*** Opening of INPUT RECORDS ***

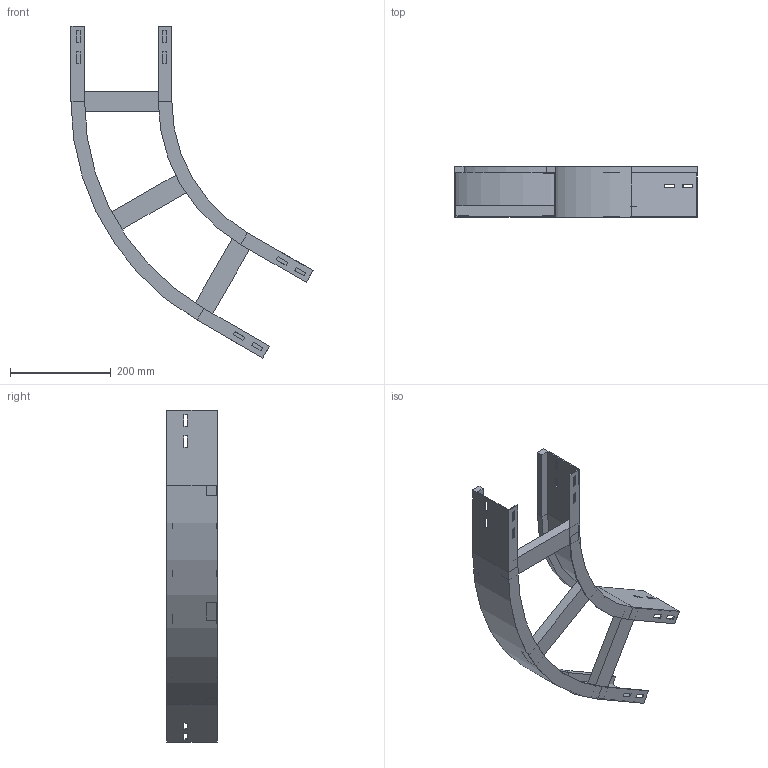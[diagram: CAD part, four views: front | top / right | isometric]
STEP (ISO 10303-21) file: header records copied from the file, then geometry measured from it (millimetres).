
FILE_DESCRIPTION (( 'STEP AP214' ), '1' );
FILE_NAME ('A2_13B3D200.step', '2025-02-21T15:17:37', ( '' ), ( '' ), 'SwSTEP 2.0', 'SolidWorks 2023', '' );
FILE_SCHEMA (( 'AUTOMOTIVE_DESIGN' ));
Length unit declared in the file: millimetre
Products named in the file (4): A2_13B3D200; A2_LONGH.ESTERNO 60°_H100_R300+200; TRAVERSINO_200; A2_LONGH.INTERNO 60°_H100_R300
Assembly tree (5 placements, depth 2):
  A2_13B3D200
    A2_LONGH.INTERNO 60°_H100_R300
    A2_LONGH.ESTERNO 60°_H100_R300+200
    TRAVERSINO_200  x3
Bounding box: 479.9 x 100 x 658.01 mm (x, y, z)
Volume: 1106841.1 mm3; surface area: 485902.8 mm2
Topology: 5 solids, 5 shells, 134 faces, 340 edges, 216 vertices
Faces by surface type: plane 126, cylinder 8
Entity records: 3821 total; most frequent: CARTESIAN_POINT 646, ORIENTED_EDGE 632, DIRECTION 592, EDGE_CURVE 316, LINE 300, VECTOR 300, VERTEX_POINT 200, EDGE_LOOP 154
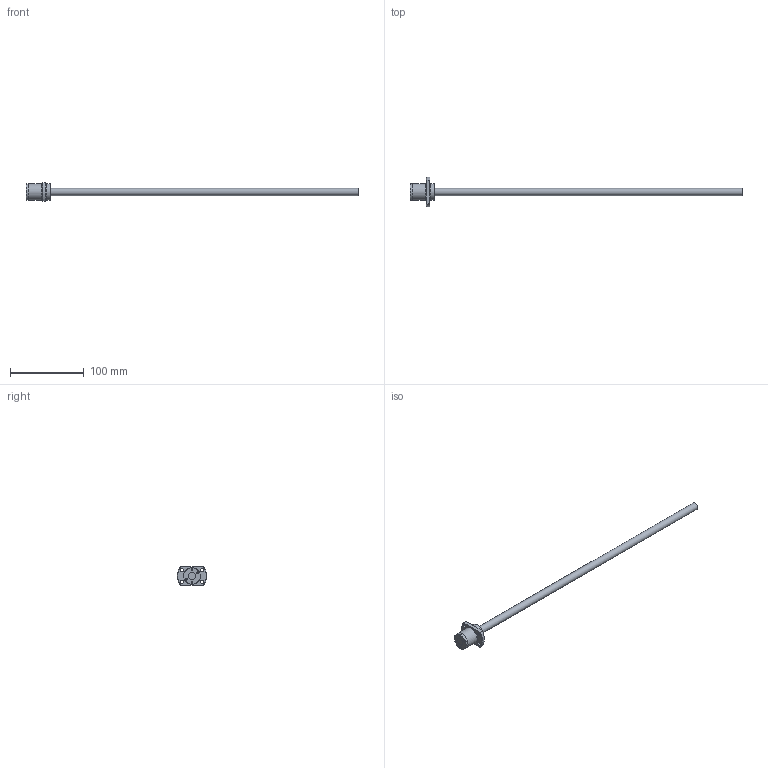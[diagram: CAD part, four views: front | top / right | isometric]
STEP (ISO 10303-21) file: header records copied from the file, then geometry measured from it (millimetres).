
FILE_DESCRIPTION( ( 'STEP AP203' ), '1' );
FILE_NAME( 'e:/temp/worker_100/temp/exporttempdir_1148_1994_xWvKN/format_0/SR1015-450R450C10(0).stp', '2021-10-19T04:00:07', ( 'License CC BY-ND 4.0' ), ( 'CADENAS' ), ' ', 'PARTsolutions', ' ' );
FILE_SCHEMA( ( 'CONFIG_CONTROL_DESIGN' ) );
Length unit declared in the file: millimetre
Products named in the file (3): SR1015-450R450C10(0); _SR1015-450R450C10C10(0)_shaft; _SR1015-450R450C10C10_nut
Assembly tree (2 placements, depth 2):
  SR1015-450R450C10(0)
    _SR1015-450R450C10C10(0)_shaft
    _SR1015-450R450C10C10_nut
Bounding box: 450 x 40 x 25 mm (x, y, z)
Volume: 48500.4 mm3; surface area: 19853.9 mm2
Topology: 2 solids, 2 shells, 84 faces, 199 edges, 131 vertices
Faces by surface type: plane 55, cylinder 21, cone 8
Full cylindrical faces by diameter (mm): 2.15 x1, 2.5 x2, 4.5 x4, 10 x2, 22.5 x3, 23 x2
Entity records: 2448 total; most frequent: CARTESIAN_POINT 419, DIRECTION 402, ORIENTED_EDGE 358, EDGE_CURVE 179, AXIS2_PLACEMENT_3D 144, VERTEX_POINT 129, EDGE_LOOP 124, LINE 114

*** Close of INPUT RECORDS ***

** GOAL OF THE EXERCISE **
The listing is to be repeated word for word, with all pictures omitted.

** SOLUTION BELOW **
[diagram: CAD part, four views: front | top / right | isometric]
STEP (ISO 10303-21) file: header records copied from the file, then geometry measured from it (millimetres).
FILE_DESCRIPTION (( 'STEP AP214' ), '1' );
FILE_NAME ('A2_13B3D200.step', '2025-02-21T15:17:37', ( '' ), ( '' ), 'SwSTEP 2.0', 'SolidWorks 2023', '' );
FILE_SCHEMA (( 'AUTOMOTIVE_DESIGN' ));
Length unit declared in the file: millimetre
Products named in the file (4): A2_13B3D200; A2_LONGH.ESTERNO 60°_H100_R300+200; TRAVERSINO_200; A2_LONGH.INTERNO 60°_H100_R300
Assembly tree (5 placements, depth 2):
  A2_13B3D200
    A2_LONGH.INTERNO 60°_H100_R300
    A2_LONGH.ESTERNO 60°_H100_R300+200
    TRAVERSINO_200  x3
Bounding box: 479.9 x 100 x 658.01 mm (x, y, z)
Volume: 1106841.1 mm3; surface area: 485902.8 mm2
Topology: 5 solids, 5 shells, 134 faces, 340 edges, 216 vertices
Faces by surface type: plane 126, cylinder 8
Entity records: 3821 total; most frequent: CARTESIAN_POINT 646, ORIENTED_EDGE 632, DIRECTION 592, EDGE_CURVE 316, LINE 300, VECTOR 300, VERTEX_POINT 200, EDGE_LOOP 154
[diagram: CAD part, four views: front | top / right | isometric]
STEP (ISO 10303-21) file: header records copied from the file, then geometry measured from it (millimetres).
FILE_DESCRIPTION( ( 'STEP AP203' ), '1' );
FILE_NAME( 'e:/temp/worker_100/temp/exporttempdir_1148_1994_xWvKN/format_0/SR1015-450R450C10(0).stp', '2021-10-19T04:00:07', ( 'License CC BY-ND 4.0' ), ( 'CADENAS' ), ' ', 'PARTsolutions', ' ' );
FILE_SCHEMA( ( 'CONFIG_CONTROL_DESIGN' ) );
Length unit declared in the file: millimetre
Products named in the file (3): SR1015-450R450C10(0); _SR1015-450R450C10C10(0)_shaft; _SR1015-450R450C10C10_nut
Assembly tree (2 placements, depth 2):
  SR1015-450R450C10(0)
    _SR1015-450R450C10C10(0)_shaft
    _SR1015-450R450C10C10_nut
Bounding box: 450 x 40 x 25 mm (x, y, z)
Volume: 48500.4 mm3; surface area: 19853.9 mm2
Topology: 2 solids, 2 shells, 84 faces, 199 edges, 131 vertices
Faces by surface type: plane 55, cylinder 21, cone 8
Full cylindrical faces by diameter (mm): 2.15 x1, 2.5 x2, 4.5 x4, 10 x2, 22.5 x3, 23 x2
Entity records: 2448 total; most frequent: CARTESIAN_POINT 419, DIRECTION 402, ORIENTED_EDGE 358, EDGE_CURVE 179, AXIS2_PLACEMENT_3D 144, VERTEX_POINT 129, EDGE_LOOP 124, LINE 114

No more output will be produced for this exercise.